# Sources of Butter and Cheese



## Palmettokat (Jul 10, 2017)

To begin with, I DON'T THINK ANY PERSON SHOULD BE TREATED wrong or taken advantage of. (Boy that messes up many politicians right there.)

I am so disgusted with Political Correctness! Sams goes whole hog to embrace rainbow people, the Maiden is removed from Land O Lakes butter and Uncle Ben is out and Aunt Jemima also. Look forward to no more sports teams nor true history in this country.

So I am voting as I tell people at the ballot box and with the wallet. Looking to find option for decent people who offer decent cheeses and butter. I know they are out there. Would like to find one who you would be proud to serve their product for the products quality and taste and also proud to support them for being a moral company. Got any recommendations on a company or how to find them?


----------



## TJ Hendren (May 12, 2017)

check out eatwild.com they list many, many family farms that sell what you are looking for and given your location there should be some. At least it will get you started.


----------



## somedevildawg (Jun 20, 2011)

Good for you Kat, that’s the only way I vote too.....a bunch of useful idiots and I’m sick of it all, I see myself as “that guy in Virginia” I could very well end up in the slammer before this is said and done


----------



## Palmettokat (Jul 10, 2017)

I like eatwild's site. I can see a short vacation trips in my near future..wait till I spring the great idea on my wife. Honey, I have the perfect in state weekend get away...we are going cheese and butter shopping. If that don't get your taste buds salivating...

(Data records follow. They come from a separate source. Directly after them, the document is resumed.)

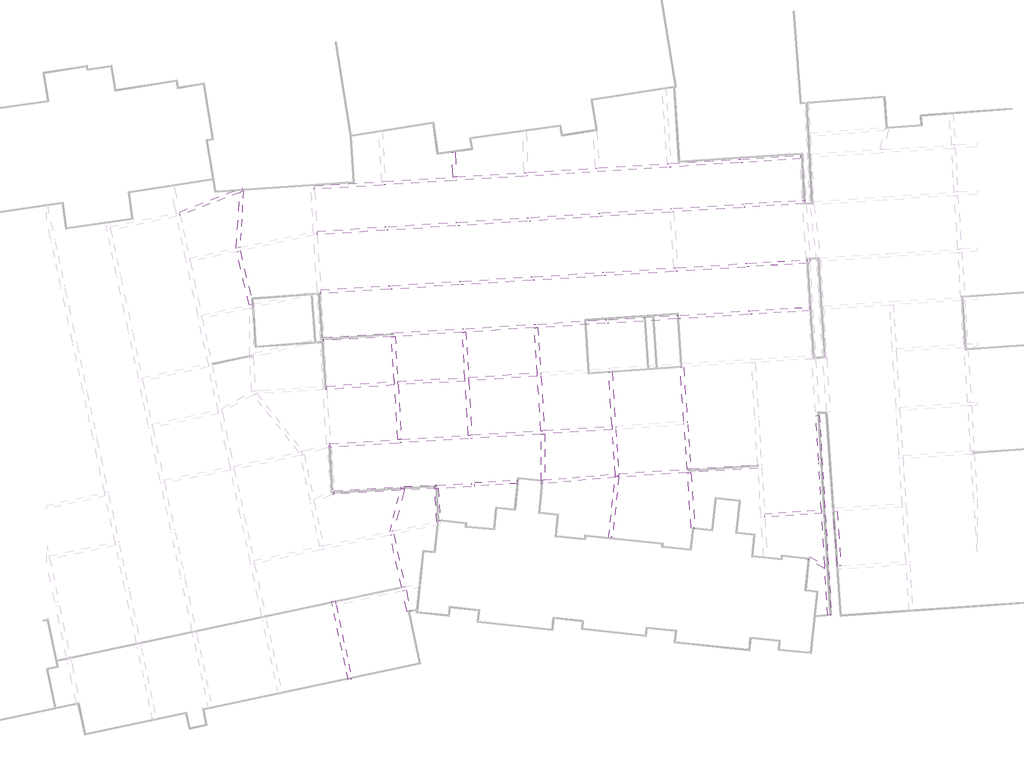
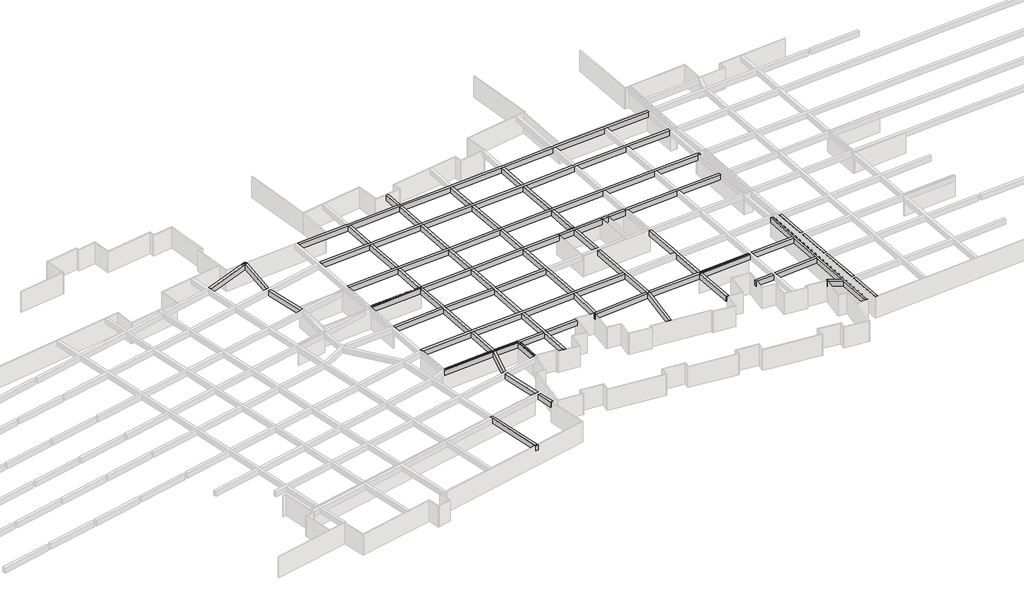
# One storey, part 11 of 14: 35 beams.
"""IFC4 building model written with IfcOpenShell, lengths in millimetres."""

import ifcopenshell
import ifcopenshell.guid

model = None  # the IFC model being written
_history = None  # IfcOwnerHistory: only IFC2X3 demands one
_inside = {}  # id of a spatial element -> (the spatial element, [elements in it])
_under = {}  # id of a project, library or spatial element -> (it, [spatial elements below it])
_declared = {}  # id of a project -> (the project, [libraries it declares])
_typed = {}  # id of a type object -> (the type object, [elements of that type])
_made_of = {}  # id of a material, layer set ... -> (it, [elements and type objects made of it])


def new_model(schema):
    """Start an empty IFC model of exactly this schema.

    Asked for "IFC4X3", IfcOpenShell would pick the latest addendum, in which some entities
    have other attributes; the version numbers below select the first issue.
    IFC2X3 requires an IfcOwnerHistory on every rooted entity: one is made here for all.
    """
    global model, _history
    if schema == "IFC4X3":
        model = ifcopenshell.file(schema_version=(4, 3, 0, 0))
    else:
        model = ifcopenshell.file(schema=schema)
    _inside.clear()
    _under.clear()
    _declared.clear()
    _typed.clear()
    _made_of.clear()
    _history = None
    if model.schema == "IFC2X3":
        org = make("IfcOrganization", Name="unknown")
        user = make(
            "IfcPersonAndOrganization",
            ThePerson=make("IfcPerson", FamilyName="unknown"),
            TheOrganization=org,
        )
        app = make(
            "IfcApplication",
            ApplicationDeveloper=org,
            Version="unknown",
            ApplicationFullName="unknown",
            ApplicationIdentifier="unknown",
        )
        _history = make(
            "IfcOwnerHistory",
            OwningUser=user,
            OwningApplication=app,
            ChangeAction="ADDED",
            CreationDate=0,
        )
    return model


def make(cls, **values):
    """One entity of the class cls with the attributes given. An attribute that is None is left unset."""
    return model.create_entity(
        cls, **{name: value for name, value in values.items() if value is not None}
    )


def rooted(cls, **values):
    """An entity with a GlobalId (a new one), such as an element, a storey or a relation."""
    return make(cls, GlobalId=ifcopenshell.guid.new(), OwnerHistory=_history, **values)


def si_unit(unit_type, name, prefix=None):
    """IfcSIUnit, for example si_unit("LENGTHUNIT", "METRE", prefix="MILLI")."""
    return make("IfcSIUnit", UnitType=unit_type, Prefix=prefix, Name=name)


def assignment(units):
    """IfcUnitAssignment: the units of a project."""
    return None if units is None else make("IfcUnitAssignment", Units=units)


def point(xyz):
    """IfcCartesianPoint."""
    return None if xyz is None else make("IfcCartesianPoint", Coordinates=xyz)


def direction(xyz):
    """IfcDirection."""
    return None if xyz is None else make("IfcDirection", DirectionRatios=xyz)


def frame(location, z_axis=None, x_axis=None):
    """IfcAxis2Placement3D, a coordinate frame: its origin and axes. An axis left out is left unset."""
    return make(
        "IfcAxis2Placement3D",
        Location=point(location),
        Axis=direction(z_axis),
        RefDirection=direction(x_axis),
    )


def origin():
    """The frame at (0, 0, 0) with its axes left unset."""
    return frame((0.0, 0.0, 0.0))


def place(relative_to, where):
    """IfcLocalPlacement: puts the frame where relative to a parent placement (None: the world)."""
    return make(
        "IfcLocalPlacement", PlacementRelTo=relative_to, RelativePlacement=where
    )


def context(
    kind, dimensions, precision=None, world=None, true_north=None, identifier=None
):
    """IfcGeometricRepresentationContext, for example the 3D "Model" context."""
    return make(
        "IfcGeometricRepresentationContext",
        ContextIdentifier=identifier,
        ContextType=kind,
        CoordinateSpaceDimension=dimensions,
        Precision=precision,
        WorldCoordinateSystem=world,
        TrueNorth=true_north,
    )


def project(units=None, contexts=None):
    """IfcProject with its units and contexts."""
    return rooted(
        "IfcProject",
        Name="project",
        RepresentationContexts=contexts,
        UnitsInContext=assignment(units),
    )


def spatial(cls, under=None, at=None, **own):
    """A site, building, storey or space (cls), placed at a placement, below another one or the project."""
    s = rooted(cls, ObjectPlacement=at, **own)
    if under is not None:
        _under.setdefault(under.id(), (under, []))[1].append(s)
    return s


def polyline(points):
    """IfcPolyline through the points."""
    return make("IfcPolyline", Points=[point(p) for p in points])


def outline(outer, holes=None, kind="AREA"):
    """IfcArbitraryClosedProfileDef: a profile drawn as a closed curve; with holes, ...WithVoids."""
    if holes is None:
        return make("IfcArbitraryClosedProfileDef", ProfileType=kind, OuterCurve=outer)
    return make(
        "IfcArbitraryProfileDefWithVoids",
        ProfileType=kind,
        OuterCurve=outer,
        InnerCurves=holes,
    )


def extrude(swept, where, along, depth):
    """IfcExtrudedAreaSolid: the profile swept, set in the frame where, extruded along a direction by depth."""
    return make(
        "IfcExtrudedAreaSolid",
        SweptArea=swept,
        Position=where,
        ExtrudedDirection=direction(along),
        Depth=depth,
    )


def faces_of(points, faces, orient=None, outer=None):
    """IfcFace entities. A face is a list of loops; a loop is a list of indices into points, from 0.

    orient and outer hold one flag for each loop. By default every Orientation is true, the
    first loop of a face is its IfcFaceOuterBound and the others are IfcFaceBound.
    """
    made = []
    for i, loops in enumerate(faces):
        bounds = []
        for j, loop in enumerate(loops):
            is_outer = j == 0 if outer is None else outer[i][j]
            bounds.append(
                make(
                    "IfcFaceOuterBound" if is_outer else "IfcFaceBound",
                    Bound=make("IfcPolyLoop", Polygon=[points[k] for k in loop]),
                    Orientation=True if orient is None else orient[i][j],
                )
            )
        made.append(make("IfcFace", Bounds=bounds))
    return made


def faceted_brep(points, faces, orient=None, outer=None, voids=None):
    """IfcFacetedBrep: a solid bounded by flat faces; with voids (closed shells), ...WithVoids."""
    shared = [point(p) for p in points]
    hull = make("IfcClosedShell", CfsFaces=faces_of(shared, faces, orient, outer))
    if voids is None:
        return make("IfcFacetedBrep", Outer=hull)
    return make(
        "IfcFacetedBrepWithVoids",
        Outer=hull,
        Voids=[
            make(cls, CfsFaces=faces_of(shared, fs, o, b)) for cls, fs, o, b in voids
        ],
    )


def shape(context_of_items, identifier, shape_type, items):
    """IfcShapeRepresentation: the items that make up one representation, for example the "Body"."""
    return make(
        "IfcShapeRepresentation",
        ContextOfItems=context_of_items,
        RepresentationIdentifier=identifier,
        RepresentationType=shape_type,
        Items=items,
    )


def made_of(thing, what):
    """Note that an element or type object is made of a material, layer set ...; save() writes the relation."""
    if what is not None:
        _made_of.setdefault(what.id(), (what, []))[1].append(thing)
    return thing


def element(
    cls,
    number,
    at=None,
    inside=None,
    cuts=None,
    type_object=None,
    material=None,
    context=None,
    identifier="Body",
    shape_type=None,
    held_by="IfcProductDefinitionShape",
    body=None,
    shapes=None,
    **own,
):
    """One element of the class cls, such as IfcWall. Its Tag is "e" and its number.

    at: its placement. inside: the storey or other place that contains it. cuts: it is an
    opening in that element (IfcRelVoidsElement). A single representation is given by context,
    identifier, shape_type and body (its items); several are given by shapes. held_by: the class
    of the entity that holds the representations. save() writes the other relations.
    """
    e = rooted(cls, Tag="e%d" % number, ObjectPlacement=at, **own)
    if body is not None:
        shapes = [shape(context, identifier, shape_type, body)]
    if shapes is not None:
        e.Representation = make(held_by, Representations=shapes)
    if inside is not None:
        _inside.setdefault(inside.id(), (inside, []))[1].append(e)
    if cuts is not None:
        rooted(
            "IfcRelVoidsElement", RelatingBuildingElement=cuts, RelatedOpeningElement=e
        )
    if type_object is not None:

Thank you TJ very much. KT or as ole Todd knows it is KAT.


----------



## TJ Hendren (May 12, 2017)

You're welcome Kat. Happy Shopping!!


----------



## Vol (Jul 5, 2009)

I feel bad for those business owners in Portland and Minneapolis. Standby and watch the crowds loot and burn your enterprise. I am afraid of what might happen to me if I were in their shoes. I don't think I would be strong enough to watch. I guess I also would end up in the graybar hotel.....and have to answer to the Almighty for what I had done.

How can you burn and destroy your own town? It would take an ignorant fool.

Regards, Mike


----------



## Uphayman (Oct 31, 2014)

How can you burn and destroy your own town? It would take an ignorant fool.

Regards, Mike

Seems the country has a surplus of ignorant fools. That would include mayors, governors, and other people who watch have the powers to stop it...........but let them burn. Sad.


----------



## Palmettokat (Jul 10, 2017)

The Bible tells over and over we have responsibility to provide for and protect our family. It tells of wars fought at God's direction for that very reason and wars fought for their sins also.

First Timothy 5:8 KJV

But if any provide not for his own, and specially for those of his own house, he hath denied the faith, and is worse than an infidel.


----------